**Aim of the exercise**
In the records below, take the line containing "msp.add_text(s, height=4, dxfattribs=at).set_placement(p)" and reproduce it and every subsequent line exactly, adding nothing.

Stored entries
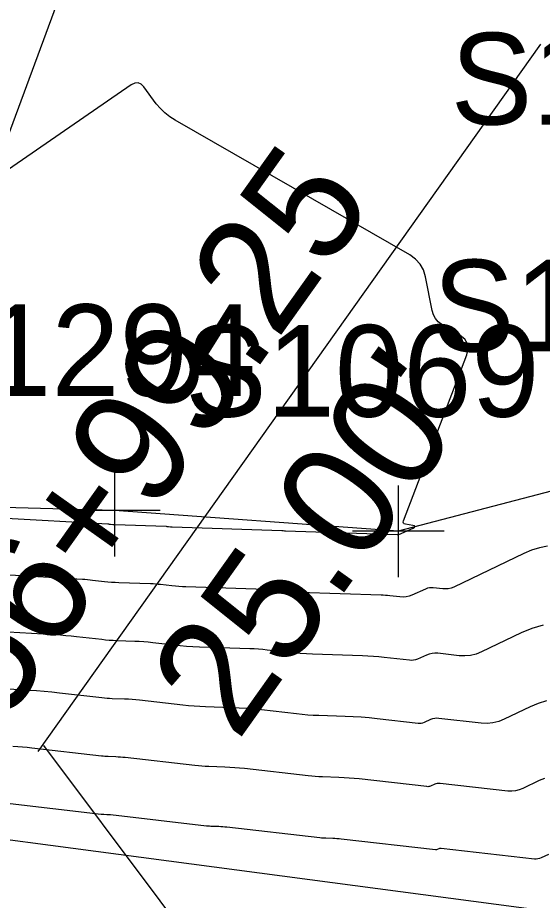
# Model space of a CAD drawing. Extents: x 816928 to 825690, y 436959 to 448212.
# Drawn here: x 818922.82 to 818945.7, y 445191.59 to 445230.11 of the extents above; entities that cross this region are included whole.
import ezdxf

# ---------------------------------------------------------------- set-up
doc = ezdxf.new("R2010")
doc.units = 0
for name, color, linetype in [('SURVEY - CONTOURS - Index with Text', 7, 'Continuous'), ('SURVEY - CONTOURS - Intermediate with optional Text', 7, 'Continuous'), ('SURVEY - DRAINAGE - Bridge Hydraulic Data - Points - Locators', 7, 'Continuous'), ('SURVEY - DRAINAGE - Bridge Hydraulic Data - Points - Numbers', 7, 'Continuous'), ('SURVEY - DRAINAGE - Bridge Hydraulic Data with Text', 7, 'Continuous'), ('SURVEY - DTM - Breaklines', 7, 'Continuous'), ('SURVEY - DTM - Breaklines - Points - Locators', 7, 'Continuous'), ('SURVEY - DTM - Breaklines - Points - Numbers', 7, 'Continuous'), ('SURVEY - PROPERTY - Station and Offset Flags', 7, 'Continuous'), ('SURVEY - VEGETATION - Features with Text', 7, 'Continuous')]:
    doc.layers.add(name, color=color, linetype=linetype)

msp = doc.modelspace()

# ---------------------------------------------------------------- linework, layer by layer
at = {"layer": 'SURVEY - CONTOURS - Index with Text'}
for points in [[(818939.446, 445207.554), (818940.065, 445207.83), (818940.132, 445207.868), (818940.152, 445207.899), (818940.125, 445207.925), (818940.051, 445207.945), (818939.734, 445208.002), (818939.678, 445208.02), (818939.645, 445208.052), (818939.635, 445208.097), (818939.648, 445208.155), (818942.414, 445215.398), (818942.473, 445215.652), (818942.445, 445215.876), (818942.329, 445216.071), (818942.127, 445216.235), (818941.323, 445216.724), (818941.168, 445216.841), (818941.045, 445216.98), (818940.956, 445217.143), (818940.9, 445217.329), (818940.605, 445218.802), (818940.515, 445219.098), (818940.371, 445219.356), (818940.173, 445219.574), (818939.921, 445219.754), (818929.683, 445225.631), (818929.451, 445225.78), (818929.238, 445225.951), (818929.044, 445226.143), (818928.868, 445226.356), (818928.327, 445227.087), (818928.206, 445227.21), (818928.073, 445227.266), (818927.929, 445227.256), (818927.774, 445227.178), (818917.013, 445219.754)], [(818922.058, 445208.285), (818926.751, 445208.015), (818926.781, 445208.013), (818926.812, 445208.011), (818926.842, 445208.008), (818926.873, 445208.004), (818926.972, 445207.993), (818926.994, 445207.991), (818927.015, 445207.989), (818927.037, 445207.988), (818927.058, 445207.987), (818929.295, 445207.91), (818929.321, 445207.909), (818929.347, 445207.907), (818929.373, 445207.905), (818929.399, 445207.902), (818929.483, 445207.892), (818929.501, 445207.89), (818929.519, 445207.889), (818929.537, 445207.888), (818929.555, 445207.887), (818934.336, 445207.727), (818934.353, 445207.727), (818934.369, 445207.726), (818934.386, 445207.724), (818934.402, 445207.723), (818934.455, 445207.716), (818934.467, 445207.715), (818934.478, 445207.714), (818934.49, 445207.714), (818934.501, 445207.713), (818939.379, 445207.556), (818939.386, 445207.555), (818939.393, 445207.555), (818939.399, 445207.554), (818939.406, 445207.554), (818939.428, 445207.551), (818939.433, 445207.551), (818939.437, 445207.551), (818939.442, 445207.552), (818939.446, 445207.554)], [(818945.969, 445193.588), (818945.651, 445193.436), (818945.583, 445193.408), (818945.512, 445193.391), (818945.44, 445193.384), (818945.366, 445193.388), (818941.29, 445193.849), (818941.264, 445193.85), (818941.239, 445193.848), (818941.214, 445193.842), (818941.19, 445193.833), (818941.112, 445193.799), (818941.095, 445193.792), (818941.078, 445193.788), (818941.06, 445193.787), (818941.042, 445193.788), (818936.932, 445194.256), (818936.84, 445194.266), (818936.747, 445194.273), (818936.655, 445194.279), (818936.563, 445194.283), (818936.261, 445194.293), (818936.196, 445194.296), (818936.132, 445194.3), (818936.067, 445194.305), (818936.003, 445194.312), (818931.942, 445194.776), (818931.855, 445194.786), (818931.767, 445194.793), (818931.68, 445194.798), (818931.593, 445194.802), (818931.307, 445194.812), (818931.246, 445194.814), (818931.185, 445194.818), (818931.124, 445194.823), (818931.063, 445194.83), (818926.868, 445195.312), (818926.828, 445195.316), (818926.788, 445195.319), (818926.748, 445195.322), (818926.708, 445195.324), (818926.577, 445195.328), (818926.548, 445195.329), (818926.52, 445195.331), (818926.492, 445195.334), (818926.464, 445195.337), (818922.239, 445195.823)]]:
    msp.add_lwpolyline(points, dxfattribs=at)
at = {"layer": 'SURVEY - CONTOURS - Intermediate with optional Text'}
for points in [[(818945.933, 445207.037), (818945.578, 445206.97), (818945.233, 445206.867), (818944.896, 445206.726), (818941.838, 445205.261), (818941.723, 445205.215), (818941.604, 445205.186), (818941.483, 445205.175), (818941.359, 445205.18), (818940.948, 445205.227), (818940.861, 445205.231), (818940.776, 445205.223), (818940.693, 445205.205), (818940.611, 445205.174), (818940.014, 445204.908), (818939.889, 445204.861), (818939.76, 445204.832), (818939.629, 445204.821), (818939.495, 445204.828), (818939.053, 445204.878), (818938.958, 445204.888), (818938.863, 445204.896), (818938.768, 445204.902), (818938.673, 445204.906), (818935.098, 445205.021), (818934.954, 445205.027), (818934.809, 445205.036), (818934.665, 445205.048), (818934.521, 445205.063), (818934.051, 445205.117), (818933.95, 445205.128), (818933.849, 445205.136), (818933.747, 445205.143), (818933.646, 445205.147), (818930.159, 445205.263), (818930.006, 445205.27), (818929.853, 445205.28), (818929.7, 445205.293), (818929.547, 445205.309), (818929.049, 445205.366), (818928.942, 445205.377), (818928.835, 445205.386), (818928.728, 445205.393), (818928.621, 445205.398), (818927.233, 445205.446), (818927.075, 445205.453), (818926.917, 445205.463), (818926.759, 445205.476), (818926.601, 445205.493), (818926.087, 445205.552), (818925.976, 445205.564), (818925.866, 445205.574), (818925.755, 445205.583), (818925.644, 445205.59), (818922.238, 445205.786)], [(818945.736, 445203.599), (818945.249, 445203.453), (818944.774, 445203.255), (818943.049, 445202.428), (818942.815, 445202.335), (818942.575, 445202.276), (818942.329, 445202.253), (818942.077, 445202.264), (818941.148, 445202.369), (818941.02, 445202.375), (818940.894, 445202.365), (818940.771, 445202.337), (818940.65, 445202.292), (818940.261, 445202.118), (818940.176, 445202.087), (818940.09, 445202.067), (818940.002, 445202.06), (818939.912, 445202.064), (818938.808, 445202.19), (818938.571, 445202.215), (818938.334, 445202.234), (818938.096, 445202.249), (818937.859, 445202.259), (818935.686, 445202.329), (818935.413, 445202.341), (818935.14, 445202.358), (818934.868, 445202.381), (818934.596, 445202.409), (818933.709, 445202.511), (818933.519, 445202.531), (818933.328, 445202.547), (818933.137, 445202.559), (818932.946, 445202.567), (818930.747, 445202.64), (818930.466, 445202.653), (818930.186, 445202.671), (818929.906, 445202.694), (818929.627, 445202.723), (818928.715, 445202.828), (818928.519, 445202.849), (818928.323, 445202.865), (818928.127, 445202.878), (818927.93, 445202.887), (818927.151, 445202.913), (818926.984, 445202.921), (818926.818, 445202.932), (818926.651, 445202.946), (818926.485, 445202.963), (818925.39, 445203.089), (818925.155, 445203.115), (818924.919, 445203.137), (818924.684, 445203.155), (818924.448, 445203.17), (818922.404, 445203.288)], [(818945.88, 445200.286), (818945.521, 445200.178), (818945.172, 445200.032), (818944.046, 445199.493), (818943.801, 445199.395), (818943.551, 445199.334), (818943.294, 445199.309), (818943.031, 445199.321), (818941.195, 445199.529), (818941.101, 445199.534), (818941.009, 445199.526), (818940.919, 445199.505), (818940.83, 445199.472), (818940.545, 445199.345), (818940.483, 445199.322), (818940.419, 445199.308), (818940.355, 445199.302), (818940.289, 445199.305), (818938.502, 445199.509), (818938.154, 445199.545), (818937.805, 445199.574), (818937.455, 445199.596), (818937.105, 445199.611), (818935.961, 445199.648), (818935.716, 445199.658), (818935.471, 445199.674), (818935.227, 445199.694), (818934.983, 445199.72), (818933.461, 445199.894), (818933.134, 445199.928), (818932.807, 445199.955), (818932.48, 445199.976), (818932.152, 445199.99), (818931.009, 445200.028), (818930.764, 445200.039), (818930.519, 445200.055), (818930.275, 445200.075), (818930.031, 445200.101), (818928.138, 445200.318), (818927.975, 445200.335), (818927.811, 445200.349), (818927.648, 445200.36), (818927.484, 445200.367), (818926.948, 445200.385), (818926.833, 445200.391), (818926.719, 445200.398), (818926.604, 445200.408), (818926.49, 445200.42), (818924.64, 445200.633), (818924.307, 445200.669), (818923.973, 445200.7), (818923.639, 445200.726), (818923.305, 445200.748), (818922.213, 445200.811)], [(818945.794, 445196.904), (818945.57, 445196.81), (818944.849, 445196.464), (818944.692, 445196.402), (818944.531, 445196.363), (818944.367, 445196.347), (818944.198, 445196.354), (818941.243, 445196.689), (818941.183, 445196.692), (818941.124, 445196.687), (818941.066, 445196.674), (818941.01, 445196.653), (818940.828, 445196.572), (818940.789, 445196.557), (818940.749, 445196.548), (818940.708, 445196.544), (818940.666, 445196.547), (818937.717, 445196.883), (818937.497, 445196.905), (818937.276, 445196.924), (818937.055, 445196.938), (818936.834, 445196.947), (818936.111, 445196.97), (818935.956, 445196.977), (818935.801, 445196.987), (818935.647, 445197), (818935.493, 445197.016), (818932.716, 445197.333), (818932.502, 445197.356), (818932.287, 445197.374), (818932.072, 445197.387), (818931.857, 445197.397), (818931.153, 445197.42), (818931.003, 445197.427), (818930.852, 445197.436), (818930.702, 445197.449), (818930.552, 445197.465), (818927.503, 445197.815), (818927.402, 445197.826), (818927.3, 445197.834), (818927.198, 445197.841), (818927.096, 445197.845), (818926.762, 445197.857), (818926.691, 445197.86), (818926.619, 445197.865), (818926.548, 445197.871), (818926.477, 445197.878), (818923.439, 445198.228), (818923.234, 445198.25), (818923.028, 445198.269), (818922.821, 445198.286), (818922.615, 445198.299)]]:
    msp.add_lwpolyline(points, dxfattribs=at)
at = {"layer": 'SURVEY - DRAINAGE - Bridge Hydraulic Data - Points - Locators'}
for p, q in [((818927.039, 445210.595), (818927.039, 445206.595)), ((818929.039, 445208.595), (818925.039, 445208.595))]:
    msp.add_line(p, q, dxfattribs=at)
at = {"layer": 'SURVEY - DRAINAGE - Bridge Hydraulic Data with Text'}
for points in [[(818939.42, 445207.694), (818927.039, 445208.595), (818909.794, 445209.059), (818907.155, 445223.401), (818913.895, 445264.677), (818910.077, 445263.438), (818900.097, 445237.451), (818897.164, 445208.339), (818868.22, 445203.878)], [(818981.856, 445170.386), (818981.679, 445172.324), (818961.15, 445189.092), (818885.148, 445199.156), (818830.646, 445194.716), (818800.042, 445220.122), (818756.964, 445204.922), (818710.566, 445206.148)]]:
    msp.add_lwpolyline(points, dxfattribs=at)
at = {"layer": 'SURVEY - DTM - Breaklines'}
msp.add_lwpolyline([(819073.298, 445355.122), (819048.115, 445322.006), (819023.42, 445284.723), (818992.563, 445243.615), (818984.238, 445238.804), (818960.537, 445218.165), (818958.862, 445226.04), (818957.684, 445235.166), (818941.199, 445267.453), (818950.993, 445220.447), (818950.259, 445210.542), (818939.42, 445207.694)], dxfattribs=at)
at = {"layer": 'SURVEY - DTM - Breaklines - Points - Locators'}
for p, q in [((818939.42, 445209.694), (818939.42, 445205.694)), ((818941.42, 445207.694), (818937.42, 445207.694))]:
    msp.add_line(p, q, dxfattribs=at)
at = {"layer": 'SURVEY - PROPERTY - Station and Offset Flags'}
msp.add_line((818945.629, 445228.948), (818923.696, 445198.087), dxfattribs=at)
msp.add_lwpolyline([(818923.948, 445198.34), (818939.168, 445178.006)], dxfattribs=at)
at = {"layer": 'SURVEY - VEGETATION - Features with Text'}
msp.add_lwpolyline([(818921.649, 445531.075), (818911.357, 445419.447), (818895.02, 445347.602), (818900.539, 445320.739), (818919.801, 445285.725), (818871.556, 445256.506), (818910.143, 445268.505), (818928.958, 445242.751), (818875.35, 445097.529)], dxfattribs=at)

# ---------------------------------------------------------------- texts
at = {"layer": 'SURVEY - DRAINAGE - Bridge Hydraulic Data - Points - Numbers'}
msp.add_text('S1294', height=4, dxfattribs=at).set_placement((818917.751, 445213.595))
at = {"layer": 'SURVEY - DTM - Breaklines - Points - Numbers'}
for s, p in [('S1067', (818941.705, 445225.447)), ('S1068', (818940.924, 445215.542)), ('S1069', (818930.117, 445212.694))]:
    msp.add_text(s, height=4, dxfattribs=at).set_placement(p)
at = {"layer": 'SURVEY - PROPERTY - Station and Offset Flags'}
for s, p in [('56+99.25', (818922.168, 445199.174)), ("25.00'", (818932.401, 445198.468))]:
    msp.add_text(s, height=5, rotation=54.5985, dxfattribs=at).set_placement(p)

doc.saveas('drawing.dxf')

**Answer for this exercise**
    msp.add_text(s, height=4, dxfattribs=at).set_placement(p)
at = {"layer": 'SURVEY - PROPERTY - Station and Offset Flags'}
for s, p in [('56+99.25', (818922.168, 445199.174)), ("25.00'", (818932.401, 445198.468))]:
    msp.add_text(s, height=5, rotation=54.5985, dxfattribs=at).set_placement(p)

doc.saveas('drawing.dxf')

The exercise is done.